# help for a va boy



## NTKG (Aug 16, 2003)

any of ya'll md boys know anything about head boats goin out for tinker mackeral? its approx this time of year aint it?


----------



## fingersandclaws (Oct 17, 2005)

Sorry bud, don't know nothin' bout mackeral . . . tog are the only thing on my radar this time of year


----------



## cygnus-x1 (Oct 12, 2005)

NTKG said:


> any of ya'll md boys know anything about head boats goin out for tinker mackeral? its approx this time of year aint it?


There used to be a big mackeral run that went for about 3 weeks and it was usually near Easter. I think a few boats still go out of OC and DE for them but heir numbers have declined somewhat over the past 10 years. I remember fishing at IRI in 1999 on Easter Sunday (wasn't married then) and a guy pulled up to do some Tog fishing after he got off the mackeral boat. He showed us his cooler almost full of them.


----------



## chump (Jul 18, 2005)

cygnus-x1 said:


> There used to be a big mackeral run that went for about 3 weeks and it was usually near Easter. I think a few boats still go out of OC and DE for them but heir numbers have declined somewhat over the past 10 years. I remember fishing at IRI in 1999 on Easter Sunday (wasn't married then) and a guy pulled up to do some Tog fishing after he got off the mackeral boat. He showed us his cooler almost full of them.


Cyg, the ones you're referring to are the Atlantic mackerals. I'm not sure if tinkers are the same thing or not, but I know the Easter runs were the Atlantic macks.


----------



## NTKG (Aug 16, 2003)

yeah sorry differnt name thing again...

atlantic mackeral.


----------



## Duke of Fluke (May 22, 2002)

They are killing them off northern NJ right now. For several years the fish have not moved as far south as they used to. If you want to get into them head to Belmar Nj and fish on the Miss Belmar Princess. They have been catching them for about 2 weeks now.


----------



## AtlantaKing (Jul 7, 2002)

Yo, DoF, where you been? I thought you fell off the face of the earth! When ya putting the boat back in the water?


----------



## NTKG (Aug 16, 2003)

Duke of Fluke said:


> They are killing them off northern NJ right now. For several years the fish have not moved as far south as they used to. If you want to get into them head to Belmar Nj and fish on the Miss Belmar Princess. They have been catching them for about 2 weeks now.

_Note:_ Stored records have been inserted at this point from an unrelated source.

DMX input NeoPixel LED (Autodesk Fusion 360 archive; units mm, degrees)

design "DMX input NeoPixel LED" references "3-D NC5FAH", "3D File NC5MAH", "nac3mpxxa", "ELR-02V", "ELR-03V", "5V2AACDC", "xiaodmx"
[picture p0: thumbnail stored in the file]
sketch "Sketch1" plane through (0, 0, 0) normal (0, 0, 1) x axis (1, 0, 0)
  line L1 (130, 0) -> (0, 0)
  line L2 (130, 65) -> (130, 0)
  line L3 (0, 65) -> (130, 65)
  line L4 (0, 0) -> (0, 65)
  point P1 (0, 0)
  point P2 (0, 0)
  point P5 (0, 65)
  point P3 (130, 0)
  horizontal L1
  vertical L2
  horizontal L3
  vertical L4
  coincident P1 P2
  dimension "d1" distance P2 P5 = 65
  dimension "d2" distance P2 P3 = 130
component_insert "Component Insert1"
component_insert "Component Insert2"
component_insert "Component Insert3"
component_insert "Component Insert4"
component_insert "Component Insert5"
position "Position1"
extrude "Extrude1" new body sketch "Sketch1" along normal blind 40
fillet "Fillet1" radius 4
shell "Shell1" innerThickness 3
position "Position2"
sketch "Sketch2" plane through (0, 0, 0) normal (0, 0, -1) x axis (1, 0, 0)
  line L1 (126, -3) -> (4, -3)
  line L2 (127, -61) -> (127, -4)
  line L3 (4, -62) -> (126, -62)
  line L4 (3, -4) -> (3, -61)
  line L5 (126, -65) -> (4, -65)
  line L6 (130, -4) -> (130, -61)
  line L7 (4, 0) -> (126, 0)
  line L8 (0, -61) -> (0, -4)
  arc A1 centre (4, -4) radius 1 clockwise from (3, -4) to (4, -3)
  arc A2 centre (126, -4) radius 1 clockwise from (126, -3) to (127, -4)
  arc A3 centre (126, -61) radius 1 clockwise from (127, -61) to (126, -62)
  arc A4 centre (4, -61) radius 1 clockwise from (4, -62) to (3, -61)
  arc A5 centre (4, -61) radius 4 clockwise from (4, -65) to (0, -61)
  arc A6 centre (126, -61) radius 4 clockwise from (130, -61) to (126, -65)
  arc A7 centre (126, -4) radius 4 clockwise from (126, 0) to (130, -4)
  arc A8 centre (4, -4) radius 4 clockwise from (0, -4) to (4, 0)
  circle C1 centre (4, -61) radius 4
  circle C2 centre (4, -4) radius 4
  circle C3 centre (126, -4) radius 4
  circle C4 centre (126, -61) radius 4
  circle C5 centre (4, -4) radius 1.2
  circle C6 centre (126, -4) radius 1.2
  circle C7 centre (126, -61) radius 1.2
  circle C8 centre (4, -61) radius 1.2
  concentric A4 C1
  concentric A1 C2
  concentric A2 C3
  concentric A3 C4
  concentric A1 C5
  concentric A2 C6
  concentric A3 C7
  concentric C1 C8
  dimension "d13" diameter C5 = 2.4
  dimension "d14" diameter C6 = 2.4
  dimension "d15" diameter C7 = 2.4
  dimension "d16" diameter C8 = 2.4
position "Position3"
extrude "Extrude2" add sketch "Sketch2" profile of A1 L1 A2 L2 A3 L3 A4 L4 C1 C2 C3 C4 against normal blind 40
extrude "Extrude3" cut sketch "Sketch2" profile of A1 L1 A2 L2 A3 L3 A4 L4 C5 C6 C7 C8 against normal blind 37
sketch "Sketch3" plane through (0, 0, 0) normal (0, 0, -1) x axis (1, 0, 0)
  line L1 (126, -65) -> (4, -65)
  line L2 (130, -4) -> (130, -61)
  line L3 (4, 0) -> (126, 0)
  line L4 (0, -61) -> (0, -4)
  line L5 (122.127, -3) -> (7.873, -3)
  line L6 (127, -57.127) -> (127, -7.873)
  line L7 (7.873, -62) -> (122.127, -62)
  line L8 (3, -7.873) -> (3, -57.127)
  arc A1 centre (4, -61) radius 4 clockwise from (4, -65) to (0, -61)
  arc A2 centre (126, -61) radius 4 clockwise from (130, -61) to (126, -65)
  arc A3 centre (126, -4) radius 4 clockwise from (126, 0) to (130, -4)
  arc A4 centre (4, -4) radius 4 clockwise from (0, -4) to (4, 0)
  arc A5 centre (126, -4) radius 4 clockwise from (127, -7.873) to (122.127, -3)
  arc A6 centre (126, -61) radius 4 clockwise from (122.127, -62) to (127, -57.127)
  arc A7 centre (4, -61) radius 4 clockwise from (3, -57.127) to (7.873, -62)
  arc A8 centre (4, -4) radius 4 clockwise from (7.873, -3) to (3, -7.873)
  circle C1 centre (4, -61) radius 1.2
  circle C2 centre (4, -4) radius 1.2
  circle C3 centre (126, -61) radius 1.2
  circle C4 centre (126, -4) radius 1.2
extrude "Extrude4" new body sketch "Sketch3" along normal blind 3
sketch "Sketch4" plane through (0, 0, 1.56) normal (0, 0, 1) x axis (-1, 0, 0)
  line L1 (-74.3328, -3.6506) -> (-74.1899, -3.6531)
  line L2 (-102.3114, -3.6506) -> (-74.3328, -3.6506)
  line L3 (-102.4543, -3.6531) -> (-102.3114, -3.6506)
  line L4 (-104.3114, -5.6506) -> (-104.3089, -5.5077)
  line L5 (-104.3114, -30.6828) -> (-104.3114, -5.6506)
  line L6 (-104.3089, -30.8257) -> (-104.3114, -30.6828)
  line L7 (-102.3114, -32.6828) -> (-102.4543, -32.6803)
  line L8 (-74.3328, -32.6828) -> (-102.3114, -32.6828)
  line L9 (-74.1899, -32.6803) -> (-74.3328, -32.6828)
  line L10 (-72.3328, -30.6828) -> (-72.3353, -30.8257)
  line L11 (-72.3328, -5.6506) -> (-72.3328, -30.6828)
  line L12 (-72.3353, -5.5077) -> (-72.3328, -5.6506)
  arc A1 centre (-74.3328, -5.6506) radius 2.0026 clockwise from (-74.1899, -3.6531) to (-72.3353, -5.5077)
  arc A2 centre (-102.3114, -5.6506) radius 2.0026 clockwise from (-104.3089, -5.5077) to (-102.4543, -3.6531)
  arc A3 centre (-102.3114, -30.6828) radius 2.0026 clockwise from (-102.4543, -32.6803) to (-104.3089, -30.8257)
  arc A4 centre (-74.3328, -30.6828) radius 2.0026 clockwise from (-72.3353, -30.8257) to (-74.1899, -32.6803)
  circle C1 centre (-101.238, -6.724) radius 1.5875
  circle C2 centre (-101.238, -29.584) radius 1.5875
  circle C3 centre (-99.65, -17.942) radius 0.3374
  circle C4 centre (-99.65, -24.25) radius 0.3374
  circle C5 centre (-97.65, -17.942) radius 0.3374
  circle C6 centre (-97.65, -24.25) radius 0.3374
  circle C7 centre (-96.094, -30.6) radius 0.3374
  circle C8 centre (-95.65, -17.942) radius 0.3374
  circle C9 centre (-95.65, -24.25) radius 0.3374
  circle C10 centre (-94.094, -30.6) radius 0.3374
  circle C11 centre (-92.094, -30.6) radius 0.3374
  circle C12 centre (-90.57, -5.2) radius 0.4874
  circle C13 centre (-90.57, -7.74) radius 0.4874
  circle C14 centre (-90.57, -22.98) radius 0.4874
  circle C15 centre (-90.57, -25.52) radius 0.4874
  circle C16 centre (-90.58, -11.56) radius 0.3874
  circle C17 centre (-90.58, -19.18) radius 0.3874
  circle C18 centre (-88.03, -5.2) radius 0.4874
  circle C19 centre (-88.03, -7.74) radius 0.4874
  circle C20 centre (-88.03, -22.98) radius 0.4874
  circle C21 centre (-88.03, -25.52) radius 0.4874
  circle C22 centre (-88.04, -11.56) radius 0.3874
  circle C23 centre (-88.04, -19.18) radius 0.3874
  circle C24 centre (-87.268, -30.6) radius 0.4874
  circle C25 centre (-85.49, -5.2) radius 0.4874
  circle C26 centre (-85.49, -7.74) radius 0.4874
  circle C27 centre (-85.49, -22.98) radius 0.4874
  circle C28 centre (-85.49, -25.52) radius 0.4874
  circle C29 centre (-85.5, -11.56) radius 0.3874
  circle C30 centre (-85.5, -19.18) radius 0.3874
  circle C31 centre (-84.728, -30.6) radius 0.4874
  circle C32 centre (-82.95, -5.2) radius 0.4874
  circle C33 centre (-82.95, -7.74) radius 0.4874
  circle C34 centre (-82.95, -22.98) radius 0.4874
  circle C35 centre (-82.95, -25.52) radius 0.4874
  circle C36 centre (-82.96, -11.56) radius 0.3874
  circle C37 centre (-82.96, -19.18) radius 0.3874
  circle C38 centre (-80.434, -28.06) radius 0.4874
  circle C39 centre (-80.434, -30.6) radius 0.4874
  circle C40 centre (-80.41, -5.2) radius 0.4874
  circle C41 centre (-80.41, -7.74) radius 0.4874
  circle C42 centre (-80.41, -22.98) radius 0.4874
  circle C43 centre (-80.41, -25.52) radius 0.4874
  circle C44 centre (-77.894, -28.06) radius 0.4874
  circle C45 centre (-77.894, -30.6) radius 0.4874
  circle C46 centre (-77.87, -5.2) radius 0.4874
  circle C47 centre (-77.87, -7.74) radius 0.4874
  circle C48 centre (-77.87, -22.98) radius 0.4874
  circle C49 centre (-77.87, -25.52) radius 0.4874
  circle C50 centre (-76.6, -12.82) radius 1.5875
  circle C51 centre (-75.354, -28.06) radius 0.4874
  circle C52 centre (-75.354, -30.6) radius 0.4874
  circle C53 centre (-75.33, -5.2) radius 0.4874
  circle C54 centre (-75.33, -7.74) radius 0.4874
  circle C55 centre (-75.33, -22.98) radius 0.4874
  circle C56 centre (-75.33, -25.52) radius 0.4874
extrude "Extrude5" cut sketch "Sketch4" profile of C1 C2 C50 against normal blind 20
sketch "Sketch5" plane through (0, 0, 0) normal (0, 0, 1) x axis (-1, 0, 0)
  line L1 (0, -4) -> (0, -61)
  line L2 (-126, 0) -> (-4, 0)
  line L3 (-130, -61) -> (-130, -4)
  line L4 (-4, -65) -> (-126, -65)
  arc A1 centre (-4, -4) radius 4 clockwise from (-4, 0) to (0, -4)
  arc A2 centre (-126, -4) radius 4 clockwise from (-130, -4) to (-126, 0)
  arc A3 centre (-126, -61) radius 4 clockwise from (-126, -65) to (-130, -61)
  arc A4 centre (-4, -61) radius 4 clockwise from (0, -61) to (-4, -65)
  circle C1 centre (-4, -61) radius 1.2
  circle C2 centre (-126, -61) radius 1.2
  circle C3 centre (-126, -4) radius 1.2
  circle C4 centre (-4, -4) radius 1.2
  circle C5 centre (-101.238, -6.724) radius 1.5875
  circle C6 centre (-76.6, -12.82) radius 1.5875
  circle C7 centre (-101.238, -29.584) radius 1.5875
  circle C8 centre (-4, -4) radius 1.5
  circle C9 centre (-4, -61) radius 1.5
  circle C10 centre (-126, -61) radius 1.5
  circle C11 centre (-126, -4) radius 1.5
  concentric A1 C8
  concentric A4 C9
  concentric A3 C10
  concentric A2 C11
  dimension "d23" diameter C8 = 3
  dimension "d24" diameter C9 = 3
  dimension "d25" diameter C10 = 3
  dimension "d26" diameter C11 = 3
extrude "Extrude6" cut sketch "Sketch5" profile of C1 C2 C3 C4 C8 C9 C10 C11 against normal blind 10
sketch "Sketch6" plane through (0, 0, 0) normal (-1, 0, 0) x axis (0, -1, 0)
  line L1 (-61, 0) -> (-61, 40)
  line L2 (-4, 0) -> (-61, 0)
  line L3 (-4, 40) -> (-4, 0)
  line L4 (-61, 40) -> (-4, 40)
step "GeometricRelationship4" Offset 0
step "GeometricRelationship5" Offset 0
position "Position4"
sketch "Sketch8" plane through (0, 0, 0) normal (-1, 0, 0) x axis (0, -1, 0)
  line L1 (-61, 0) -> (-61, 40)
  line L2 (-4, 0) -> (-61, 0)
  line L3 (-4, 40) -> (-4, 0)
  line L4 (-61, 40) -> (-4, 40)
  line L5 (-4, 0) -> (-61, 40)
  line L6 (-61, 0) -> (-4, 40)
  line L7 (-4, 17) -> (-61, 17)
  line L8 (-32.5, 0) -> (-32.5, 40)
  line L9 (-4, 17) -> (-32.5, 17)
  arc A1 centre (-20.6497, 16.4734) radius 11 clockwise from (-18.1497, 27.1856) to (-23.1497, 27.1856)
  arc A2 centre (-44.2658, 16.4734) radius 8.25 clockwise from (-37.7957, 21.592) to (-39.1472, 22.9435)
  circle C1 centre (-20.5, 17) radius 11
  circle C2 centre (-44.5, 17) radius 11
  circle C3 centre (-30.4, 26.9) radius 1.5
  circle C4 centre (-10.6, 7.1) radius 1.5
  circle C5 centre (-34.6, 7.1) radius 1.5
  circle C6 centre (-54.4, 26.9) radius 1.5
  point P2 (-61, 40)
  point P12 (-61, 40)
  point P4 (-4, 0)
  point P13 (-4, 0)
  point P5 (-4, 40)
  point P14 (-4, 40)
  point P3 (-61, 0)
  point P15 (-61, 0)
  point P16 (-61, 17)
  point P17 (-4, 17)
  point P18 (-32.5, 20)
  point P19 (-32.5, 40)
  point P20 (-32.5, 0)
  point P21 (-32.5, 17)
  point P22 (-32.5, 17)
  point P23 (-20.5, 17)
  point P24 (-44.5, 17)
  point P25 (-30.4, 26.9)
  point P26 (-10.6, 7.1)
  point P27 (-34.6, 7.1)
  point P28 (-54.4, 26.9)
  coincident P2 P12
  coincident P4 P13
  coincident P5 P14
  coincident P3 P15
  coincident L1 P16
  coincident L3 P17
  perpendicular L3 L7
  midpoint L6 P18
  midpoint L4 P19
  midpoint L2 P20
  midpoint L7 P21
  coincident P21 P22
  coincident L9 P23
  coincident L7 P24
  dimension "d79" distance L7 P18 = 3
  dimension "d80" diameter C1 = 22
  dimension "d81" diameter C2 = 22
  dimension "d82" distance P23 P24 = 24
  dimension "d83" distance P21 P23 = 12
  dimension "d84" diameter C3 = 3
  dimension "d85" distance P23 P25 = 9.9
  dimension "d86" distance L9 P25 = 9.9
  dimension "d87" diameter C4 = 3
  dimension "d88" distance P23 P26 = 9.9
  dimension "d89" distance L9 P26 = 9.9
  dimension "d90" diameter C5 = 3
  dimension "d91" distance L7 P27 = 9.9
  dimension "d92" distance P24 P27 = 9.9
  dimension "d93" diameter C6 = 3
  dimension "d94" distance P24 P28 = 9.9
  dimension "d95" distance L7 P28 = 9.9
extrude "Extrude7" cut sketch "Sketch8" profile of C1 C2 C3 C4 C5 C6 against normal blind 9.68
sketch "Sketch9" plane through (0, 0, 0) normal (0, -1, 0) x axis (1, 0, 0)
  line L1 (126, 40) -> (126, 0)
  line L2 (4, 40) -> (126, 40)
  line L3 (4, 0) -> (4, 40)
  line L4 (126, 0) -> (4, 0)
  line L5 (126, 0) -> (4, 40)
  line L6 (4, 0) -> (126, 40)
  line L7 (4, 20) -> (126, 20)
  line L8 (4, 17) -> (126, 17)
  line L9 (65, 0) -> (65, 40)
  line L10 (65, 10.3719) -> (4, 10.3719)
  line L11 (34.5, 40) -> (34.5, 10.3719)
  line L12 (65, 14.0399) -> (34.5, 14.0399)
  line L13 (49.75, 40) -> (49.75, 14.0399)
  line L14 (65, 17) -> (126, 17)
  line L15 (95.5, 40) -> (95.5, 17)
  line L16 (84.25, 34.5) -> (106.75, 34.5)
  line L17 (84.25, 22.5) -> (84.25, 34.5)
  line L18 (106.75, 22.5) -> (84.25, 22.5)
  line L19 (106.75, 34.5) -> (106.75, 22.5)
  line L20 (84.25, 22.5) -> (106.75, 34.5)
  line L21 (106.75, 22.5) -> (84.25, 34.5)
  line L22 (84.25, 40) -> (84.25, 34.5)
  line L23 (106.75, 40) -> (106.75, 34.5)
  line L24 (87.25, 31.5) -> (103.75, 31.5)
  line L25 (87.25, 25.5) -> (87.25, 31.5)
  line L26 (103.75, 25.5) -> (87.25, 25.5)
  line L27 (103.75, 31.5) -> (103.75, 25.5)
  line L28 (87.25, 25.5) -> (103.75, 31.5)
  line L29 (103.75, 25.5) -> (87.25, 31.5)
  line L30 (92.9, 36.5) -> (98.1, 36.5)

thanks duke, best info i coulda gotten. btw do you know how long the run out is? im thinkin takin my father just to give him something to do, but im not sure he can take too long of a haul out.

thanks again


----------



## Duke of Fluke (May 22, 2002)

Last year it there was no run, but for several years prior to that it lasted from Late Dec. or early Jan. through March. It used to be that we would get a shot for a week or two in Dec. or Jan then another shot for a few weeks in April. This overwintering thing is a relatively recent development and I don't think anyone has it figured out. It has been decent fishng so far this year from what I hear. My best advice is to watch the reports or call the boat before going. I would also try to avoid fishing after a big blow as it tends to scatter the schools.

Good luck.


----------



## NTKG (Aug 16, 2003)

Duke of Fluke said:


> Last year it there was no run, but for several years prior to that it lasted from Late Dec. or early Jan. through March. It used to be that we would get a shot for a week or two in Dec. or Jan then another shot for a few weeks in April. This overwintering thing is a relatively recent development and I don't think anyone has it figured out. It has been decent fishng so far this year from what I hear. My best advice is to watch the reports or call the boat before going. I would also try to avoid fishing after a big blow as it tends to scatter the schools.
> 
> Good luck.



oh im sorry i meant how long of a run out is it in the boat. like an hour or 3 run out to the fishing grounds.


----------



## Duke of Fluke (May 22, 2002)

NTKG said:


> oh im sorry i meant how long of a run out is it in the boat. like an hour or 3 run out to the fishing grounds.



Hey, I never claime to have good reading comprehension skills:redface:

From what I hear they have been fishing around the mudhole and slightly east. It is a big area but I would imagine that it is an hour to an hour and a half run from the dock.


----------